1 INTRODUCTION
Environmental stress represents the most important single factor limiting crop yield worldwide, a situation that will certainly aggravate in the near future as a consequence of global climate changes (IPCC 2014; Buchanan, B.B., Gruissem, W. & Jones 2015). Among the adverse conditions that constrain plant growth and reproduction, drought has the highest impact in quantitative terms (FAO 2014). Projections of increased desertification in several Mediterranean-type environments of Europe, Australia, South America and sub-Saharan Africa are consistent across simulation models (IPCC 2014). Water restriction negatively affects photosynthetic rates by decreasing CO2availability as a result of stomatal closure, and by feedback inhibition due to limitations in photosynthate transport to sink organs (Romero, Alarcón, Valbuena & Galeano 2017; Urban, Aarrouf & Bidel 2017). Many changes associated to water deficit are therefore detected in the leaves and accordingly, drought responses are inextricably linked to photosynthesis and chloroplast biochemistry (Zingaretti, Inácio, de Matos Pereira, Paz & de Castro França 2013).
Potato (Solanum tuberosum L.) is the third most important food crop in the world (Visser et al. 2009; FAO 2014), and is vulnerable to drought, salinity and other environmental stresses, which affect tuber yield and quality (Vasquez-Robinet et al. 2008; Muñiz García, Cortelezzi, Fumagalli & Capiati 2018). The situation is particularly critical in developing countries where potato is most important as an affordable and nutritionally rich food supply (Romeroet al. 2017), and where the impact of global climate change is predicted to be more severe (IPCC 2014; Muñiz García et al.2018). Therefore, breeders face increasing pressure to develop new lines with improved drought tolerance while keeping high crop yield, tuber quality and market acceptance (Romero et al. 2017).
Water limitation elicits a very complex plant response, which combines physiological, cellular and metabolic adaptations to the stress situation, and involves genome-wide changes in gene expression patterns. While many drought-responsive genes have been identified, it is presently difficult to define the role played by most of them in the tolerance against this environmental challenge (André et al.2009). As most other abiotic stresses, water deficit causes a rise of reactive oxygen species (ROS) levels, especially in leaves (Gómez, Vicino, Carrillo & Lodeyro 2019). In turn, the drought response of genes involved in ROS metabolism depends on the plant cultivar, its degree of tolerance and the duration and intensity of the stress treatment (Cruz De Carvalho 2008). Vasquez-Robinet et al. (2008) found that the higher drought tolerance displayed by Andean potato genotypes was related to enhanced expression of genes encoding antioxidant proteins located in chloroplasts. Moreover, potato transformation with genes related to ROS scavenging led to lines exhibiting improved performance under water deprivation (Ahmad et al. 2010; Eltayebet al. 2011; Cheng, Deng, Kwak, Chen & Eneji 2013), indicating that manipulation of ROS metabolism is a promising strategy to improve drought tolerance (Gómez et al. 2019).

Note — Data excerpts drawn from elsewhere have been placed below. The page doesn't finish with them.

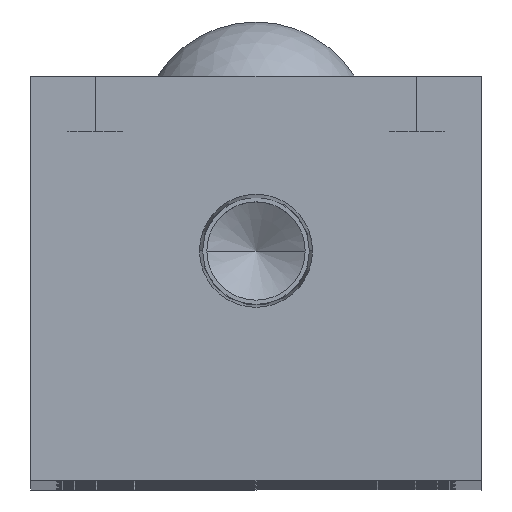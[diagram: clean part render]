
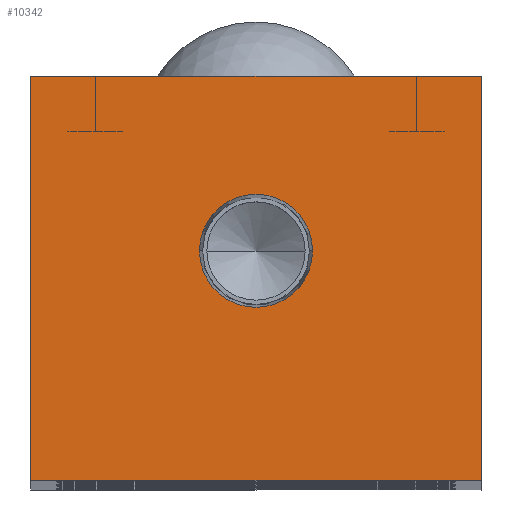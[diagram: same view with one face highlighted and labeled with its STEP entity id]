
A CAD part, top view. The second image highlights one B-rep face of the part: STEP entity #10342.
In plain terms, the highlighted planar face has unit normal (0, 0, 1).
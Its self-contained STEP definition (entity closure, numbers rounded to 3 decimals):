
#293 = DIRECTION ( 'NONE',  ( 1., 0., 0. ) ) ;
#368 = CARTESIAN_POINT ( 'NONE',  ( 24.5, 0., 0. ) ) ;
#609 = DIRECTION ( 'NONE',  ( -1., 0., 0. ) ) ;
#685 = ORIENTED_EDGE ( 'NONE', *, *, #13887, .F. ) ;
#822 = CIRCLE ( 'NONE', #7862, 6.154 ) ;
#835 = EDGE_CURVE ( 'NONE', #13288, #1421, #7518, .T. ) ;
#929 = CARTESIAN_POINT ( 'NONE',  ( 24.5, 0., 0. ) ) ;
#1297 = ORIENTED_EDGE ( 'NONE', *, *, #2838, .T. ) ;
#1421 = VERTEX_POINT ( 'NONE', #6591 ) ;
#1744 = ORIENTED_EDGE ( 'NONE', *, *, #14987, .T. ) ;
#2093 = VECTOR ( 'NONE', #9946, 1000. ) ;
#2445 = FACE_BOUND ( 'NONE', #14408, .T. ) ;
#2823 = EDGE_CURVE ( 'NONE', #5612, #13288, #13438, .T. ) ;
#2838 = EDGE_CURVE ( 'NONE', #1421, #11591, #6734, .T. ) ;
#3529 = VECTOR ( 'NONE', #9387, 1000. ) ;
#3814 = CARTESIAN_POINT ( 'NONE',  ( -6.154, 25., 0. ) ) ;
#3977 = CARTESIAN_POINT ( 'NONE',  ( -24.5, 0., 0. ) ) ;
#4251 = CARTESIAN_POINT ( 'NONE',  ( 0., 25., 0. ) ) ;
#4317 = VECTOR ( 'NONE', #9297, 1000. ) ;
#5401 = CARTESIAN_POINT ( 'NONE',  ( 0., 0., 0. ) ) ;
#5464 = DIRECTION ( 'NONE',  ( 1., 0., 0. ) ) ;
#5612 = VERTEX_POINT ( 'NONE', #14167 ) ;
#5672 = CARTESIAN_POINT ( 'NONE',  ( 24.5, 44., 0. ) ) ;
#6398 = FACE_OUTER_BOUND ( 'NONE', #9476, .T. ) ;
#6591 = CARTESIAN_POINT ( 'NONE',  ( 24.5, 44., 0. ) ) ;
#6610 = PLANE ( 'NONE',  #7303 ) ;
#6734 = LINE ( 'NONE', #6987, #3529 ) ;
#6987 = CARTESIAN_POINT ( 'NONE',  ( -24.5, 44., 0. ) ) ;
#7303 = AXIS2_PLACEMENT_3D ( 'NONE', #5401, #7832, #609 ) ;
#7513 = DIRECTION ( 'NONE',  ( 0., 0., 1. ) ) ;
#7518 = LINE ( 'NONE', #5672, #4317 ) ;
#7832 = DIRECTION ( 'NONE',  ( 0., 0., -1. ) ) ;
#7862 = AXIS2_PLACEMENT_3D ( 'NONE', #4251, #12626, #5464 ) ;
#8475 = AXIS2_PLACEMENT_3D ( 'NONE', #14646, #7513, #293 ) ;
#9265 = ORIENTED_EDGE ( 'NONE', *, *, #835, .T. ) ;
#9297 = DIRECTION ( 'NONE',  ( 0., 1., 0. ) ) ;
#9387 = DIRECTION ( 'NONE',  ( -1., 0., 0. ) ) ;
#9476 = EDGE_LOOP ( 'NONE', ( #1744, #15005, #9265, #1297 ) ) ;
#9946 = DIRECTION ( 'NONE',  ( 0., -1., 0. ) ) ;
#10185 = VERTEX_POINT ( 'NONE', #14716 ) ;
#10342 = ADVANCED_FACE ( 'NONE', ( #2445, #6398 ), #6610, .F. ) ;
#11563 = ORIENTED_EDGE ( 'NONE', *, *, #14913, .F. ) ;
#11591 = VERTEX_POINT ( 'NONE', #11906 ) ;
#11657 = LINE ( 'NONE', #3977, #2093 ) ;
#11906 = CARTESIAN_POINT ( 'NONE',  ( -24.5, 44., 0. ) ) ;
#12626 = DIRECTION ( 'NONE',  ( 0., 0., 1. ) ) ;
#13075 = VECTOR ( 'NONE', #15296, 1000. ) ;
#13288 = VERTEX_POINT ( 'NONE', #368 ) ;
#13438 = LINE ( 'NONE', #929, #13075 ) ;
#13887 = EDGE_CURVE ( 'NONE', #10185, #14296, #822, .T. ) ;
#14167 = CARTESIAN_POINT ( 'NONE',  ( -24.5, 0., 0. ) ) ;
#14296 = VERTEX_POINT ( 'NONE', #3814 ) ;
#14408 = EDGE_LOOP ( 'NONE', ( #685, #11563 ) ) ;
#14646 = CARTESIAN_POINT ( 'NONE',  ( 0., 25., 0. ) ) ;
#14716 = CARTESIAN_POINT ( 'NONE',  ( 6.154, 25., 0. ) ) ;
#14913 = EDGE_CURVE ( 'NONE', #14296, #10185, #15239, .T. ) ;
#14987 = EDGE_CURVE ( 'NONE', #11591, #5612, #11657, .T. ) ;
#15005 = ORIENTED_EDGE ( 'NONE', *, *, #2823, .T. ) ;
#15239 = CIRCLE ( 'NONE', #8475, 6.154 ) ;
#15296 = DIRECTION ( 'NONE',  ( 1., 0., 0. ) ) ;
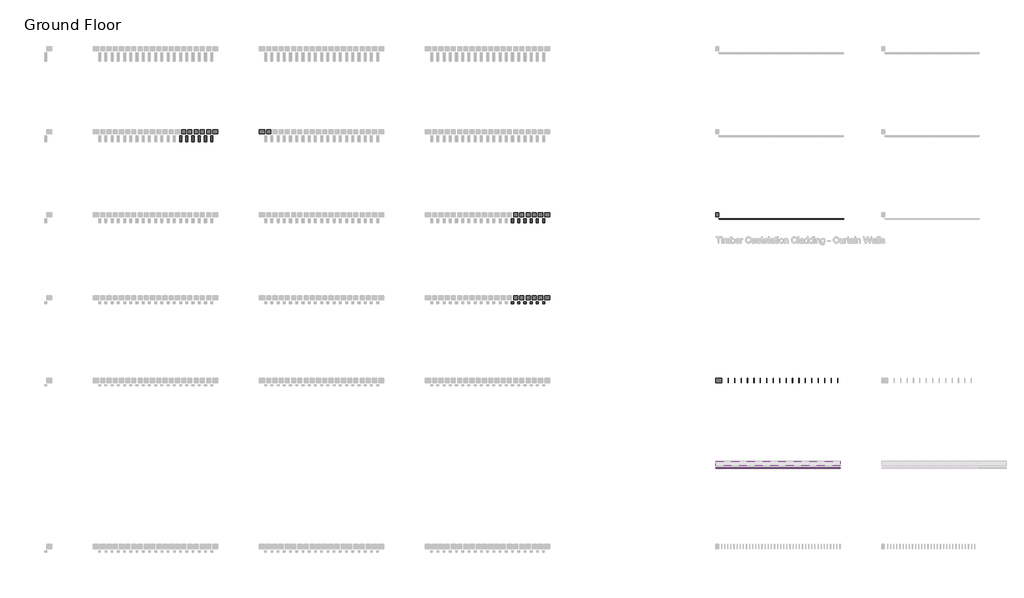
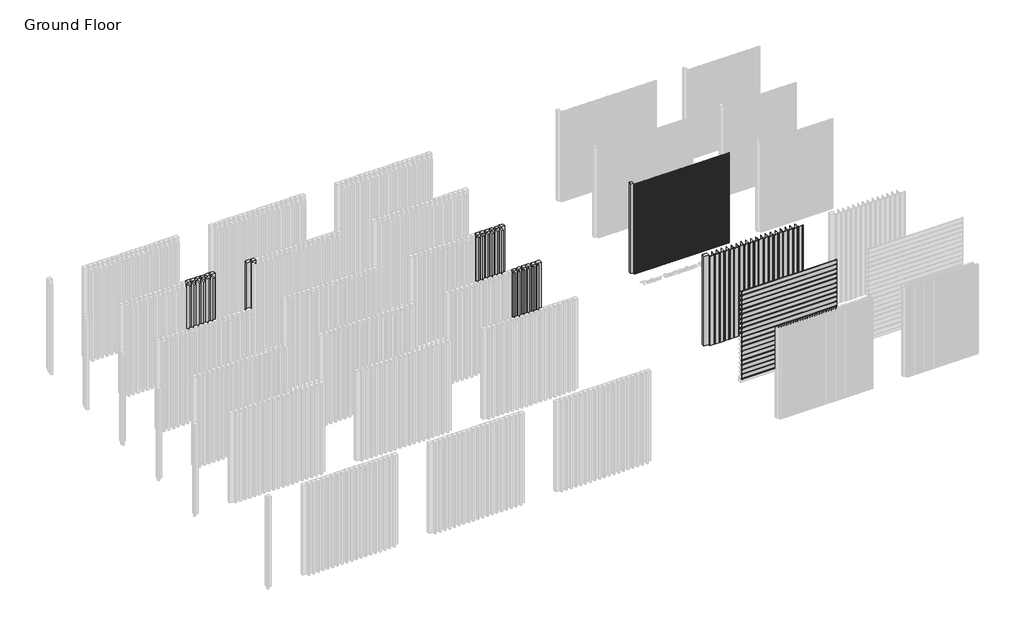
# One storey, part 20 of 350: 93 members, 47 plates.
"""IFC4 building model written with IfcOpenShell, lengths in millimetres."""

from ifc_helpers import new_model, si_unit, origin, place, context, project, spatial, transform, mapped, element, save
from components import rectangular_mullion_26362614, rectangular_mullion_4aa68164, rectangular_mullion_1e7650be, rectangular_mullion_e9fc8109, rectangular_mullion_a9feb706, empty_system_panel_empty_02c6fd44, empty_system_panel_empty_a8601f27, empty_system_panel_empty_23ba90fe, empty_system_panel_empty_02e968fa, empty_system_panel_empty_27b459cb, empty_system_panel_empty_81d7e91e, empty_system_panel_empty_cbd4e42b

model = new_model("IFC4")

# Units and contexts
model_context = context("Model", 3, world=origin())
ifc_project = project(units=[si_unit("LENGTHUNIT", "METRE", prefix="MILLI")], contexts=[model_context])

# Site, building, storey
site = spatial("IfcSite", under=ifc_project)
building = spatial("IfcBuilding", under=site)
storey = spatial("IfcBuildingStorey", under=building, Name="Ground Floor", Elevation=0.0)

# Members
placement = place(None, origin())
rectangular_mullion_shape = rectangular_mullion_26362614(model_context)
element("IfcMember", 1, ObjectType="Rectangular Mullion : Batten_Aluminium_Modinex_AluBatten_50x150_SpottedGum", at=placement, inside=storey, context=model_context, shape_type="MappedRepresentation", body=[
    mapped(rectangular_mullion_shape, transform((16016.4361642, 24968.2978302, 0.0), x_axis=(1.0, 0.0, 0.0), y_axis=(0.0, -1.0, 0.0), z_axis=(0.0, 0.0, -1.0))),
])
element("IfcMember", 2, ObjectType="Rectangular Mullion : Batten_Aluminium_Modinex_AluBatten_50x150_SpottedGum", at=placement, inside=storey, context=model_context, shape_type="MappedRepresentation", body=[
    mapped(rectangular_mullion_shape, transform((16166.4361642, 24968.2978302, 0.0), x_axis=(1.0, 0.0, 0.0), y_axis=(0.0, -1.0, 0.0), z_axis=(0.0, 0.0, -1.0))),
])
element("IfcMember", 3, ObjectType="Rectangular Mullion : Batten_Aluminium_Modinex_AluBatten_50x150_SpottedGum", at=placement, inside=storey, context=model_context, shape_type="MappedRepresentation", body=[
    mapped(rectangular_mullion_shape, transform((16316.4361642, 24968.2978302, 0.0), x_axis=(1.0, 0.0, 0.0), y_axis=(0.0, -1.0, 0.0), z_axis=(0.0, 0.0, -1.0))),
])
element("IfcMember", 4, ObjectType="Rectangular Mullion : Batten_Aluminium_Modinex_AluBatten_50x150_SpottedGum", at=placement, inside=storey, context=model_context, shape_type="MappedRepresentation", body=[
    mapped(rectangular_mullion_shape, transform((16466.4361642, 24968.2978302, 0.0), x_axis=(1.0, 0.0, 0.0), y_axis=(0.0, -1.0, 0.0), z_axis=(0.0, 0.0, -1.0))),
])
element("IfcMember", 5, ObjectType="Rectangular Mullion : Batten_Aluminium_Modinex_AluBatten_50x150_SpottedGum", at=placement, inside=storey, context=model_context, shape_type="MappedRepresentation", body=[
    mapped(rectangular_mullion_shape, transform((16616.4361642, 24968.2978302, 0.0), x_axis=(1.0, 0.0, 0.0), y_axis=(0.0, -1.0, 0.0), z_axis=(0.0, 0.0, -1.0))),
])
element("IfcMember", 6, ObjectType="Rectangular Mullion : Batten_Aluminium_Modinex_AluBatten_50x150_SpottedGum", at=placement, inside=storey, context=model_context, shape_type="MappedRepresentation", body=[
    mapped(rectangular_mullion_shape, transform((16766.4361642, 24968.2978302, 0.0), x_axis=(1.0, 0.0, 0.0), y_axis=(0.0, -1.0, 0.0), z_axis=(0.0, 0.0, -1.0))),
])
rectangular_mullion_2_shape = rectangular_mullion_4aa68164(model_context)
element("IfcMember", 7, ObjectType="Rectangular Mullion : Cladding_Timber_Modinex_Castelation_81x12_AlaskanYellowCedar", at=placement, inside=storey, context=model_context, shape_type="MappedRepresentation", body=[
    mapped(rectangular_mullion_2_shape, transform((30536.4361642, 22968.2978302, 0.0), x_axis=(1.0, 0.0, 0.0), y_axis=(0.0, -1.0, 0.0), z_axis=(0.0, 0.0, -1.0))),
])
element("IfcMember", 8, ObjectType="Rectangular Mullion : Cladding_Timber_Modinex_Castelation_81x12_AlaskanYellowCedar", at=placement, inside=storey, context=model_context, shape_type="MappedRepresentation", body=[
    mapped(rectangular_mullion_2_shape, transform((30617.4361642, 22968.2978302, 0.0), x_axis=(1.0, 0.0, 0.0), y_axis=(0.0, -1.0, 0.0), z_axis=(0.0, 0.0, -1.0))),
])
element("IfcMember", 9, ObjectType="Rectangular Mullion : Cladding_Timber_Modinex_Castelation_81x12_AlaskanYellowCedar", at=placement, inside=storey, context=model_context, shape_type="MappedRepresentation", body=[
    mapped(rectangular_mullion_2_shape, transform((30698.4361642, 22968.2978302, 0.0), x_axis=(1.0, 0.0, 0.0), y_axis=(0.0, -1.0, 0.0), z_axis=(0.0, 0.0, -1.0))),
])
element("IfcMember", 10, ObjectType="Rectangular Mullion : Cladding_Timber_Modinex_Castelation_81x12_AlaskanYellowCedar", at=placement, inside=storey, context=model_context, shape_type="MappedRepresentation", body=[
    mapped(rectangular_mullion_2_shape, transform((30779.4361642, 22968.2978302, 0.0), x_axis=(1.0, 0.0, 0.0), y_axis=(0.0, -1.0, 0.0), z_axis=(0.0, 0.0, -1.0))),
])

We have generated tobacco plants with increased tolerance to multiple sources of abiotic stress by introducing a cyanobacterial flavodoxin (Fld) directed to chloroplasts (Tognetti et al. 2006; Zurbriggenet al. 2008). Fld is an electron carrier flavoprotein present in bacteria and some algae that displays essentially the same activities and redox interactions as the iron-sulfur protein ferredoxin (Fd), including functional integration as a final electron acceptor in the photosynthetic electron transport chain (PETC). Fld expression is normally induced in microorganisms under conditions of iron starvation and environmental stress that cause Fd down-regulation, taking over Fd functions as its levels decline, and preventing over-reduction of the PETC and ROS propagation (Zurbriggen et al. 2008; Pierella Karlusich, Lodeyro & Carrillo 2014). The Fld gene is absent from plant genomes (Pierella Karlusich, Ceccoli, Graña, Romero & Carrillo 2015), but introduction of a plastid-targeted Fld improved delivery of reducing equivalents to productive pathways of the chloroplast, which in turn restricted plastid ROS production and increased tolerance to drought and other stresses (Tognetti et al. 2006, 2007; Zurbriggen et al. 2008; Li et al. 2017).
The need for drought-tolerant potato lines prompted us to evaluate the Fld approach in this crop. e describe herein the preparation and characterization of potato plants expressing a plastid-localized Fld, and displaying improved photosynthesis, growth and tuber yield under conditions of water deprivation. To gain further insights into the mechanism(s) of Fld-associated stress tolerance, we generated genome-wide transcript profiles from wild-type (WT) and Fld-expressing potato leaves at a pre-symptomatic stage of water restriction to evaluate early responses to hydric stress, and combined this approach with metabolic profiling of carbohydrates and amino acids. The results provide a detailed snapshot of how chloroplast redox biochemistry affects gene expression metabolism in a major crop during this agronomically relevant abiotic stress.